Goal of the exercise
I'd like every entry returned exactly as it is, with the images left out.

─── Data listing ───

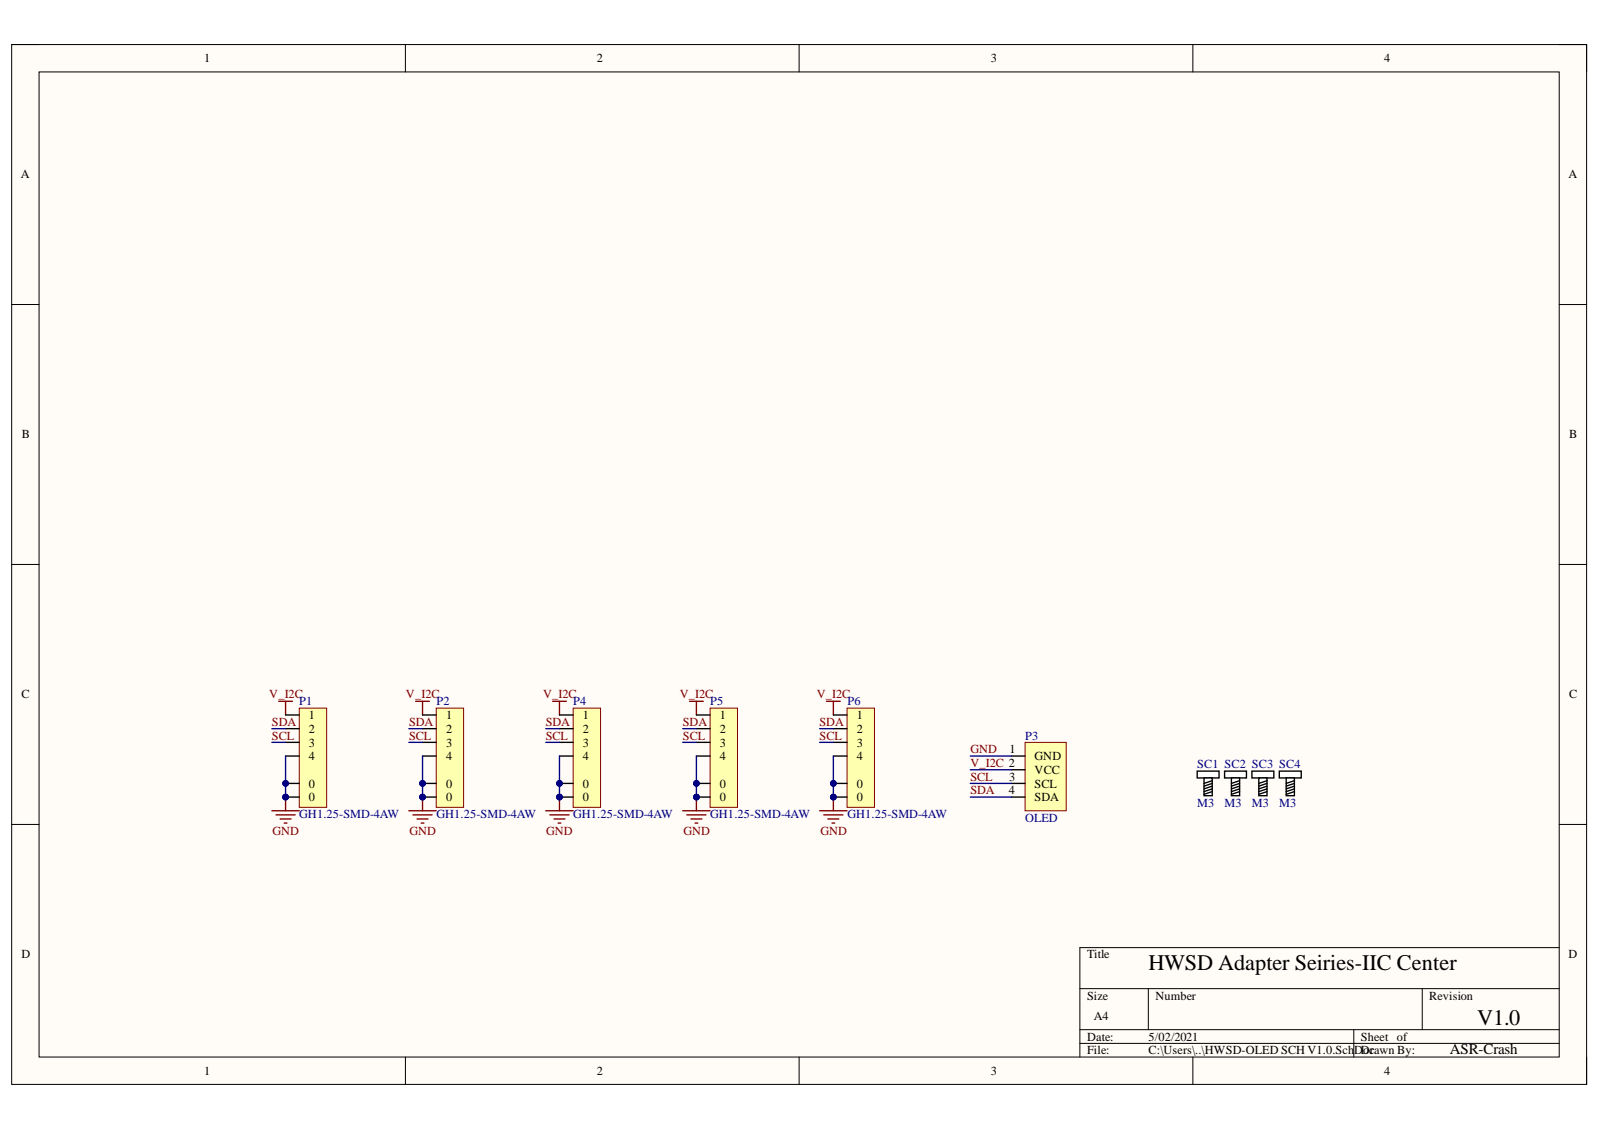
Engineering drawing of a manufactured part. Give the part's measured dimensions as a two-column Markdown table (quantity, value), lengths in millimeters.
| quantity | value |
| --- | --- |
| part name | PCB; Board; P6; JST_GH_SM04B-GHS-TB_1x04-1MP_P1.25mm_Horizontal (+7 more) |
| STEP written by | Open CASCADE 6.8 (AUTOMOTIVE_DESIGN) |
| units | millimeters |
| bodies | 15 solids, 1326 faces (1295 planar, 31 cylindrical, 0 other) |
| overall size | 40 × 20 × 11.54 |
| volume | 2 258 mm³ |
| surface area | 4 646 mm² |
| round holes (diameter × count) | 1 × 4, 3 × 4 |
| partial cylindrical surfaces (radius × count) | 0.2 × 9, 0.25 × 6, 2.54 × 4, 0.15 × 1, 0.35 × 1 |
| main face-to-face distances | 1.69, 6.77, 5.08, 8.03, 6.34, 1.26, 0.6, 6.35, 5.94, 4.25 |
| hole center spacings | 2.54, 5.08, 14.92, 34.92, 37.97, 3.6, 3.7, 6.14 |

───

Completed exercise
Engineering drawing of a manufactured part. Give the part's measured dimensions as a two-column Markdown table (quantity, value), lengths in millimeters.
| quantity | value |
| --- | --- |
| part name | PCB; Board; P6; JST_GH_SM04B-GHS-TB_1x04-1MP_P1.25mm_Horizontal (+7 more) |
| STEP written by | Open CASCADE 6.8 (AUTOMOTIVE_DESIGN) |
| units | millimeters |
| bodies | 15 solids, 1326 faces (1295 planar, 31 cylindrical, 0 other) |
| overall size | 40 × 20 × 11.54 |
| volume | 2 258 mm³ |
| surface area | 4 646 mm² |
| round holes (diameter × count) | 1 × 4, 3 × 4 |
| partial cylindrical surfaces (radius × count) | 0.2 × 9, 0.25 × 6, 2.54 × 4, 0.15 × 1, 0.35 × 1 |
| main face-to-face distances | 1.69, 6.77, 5.08, 8.03, 6.34, 1.26, 0.6, 6.35, 5.94, 4.25 |
| hole center spacings | 2.54, 5.08, 14.92, 34.92, 37.97, 3.6, 3.7, 6.14 |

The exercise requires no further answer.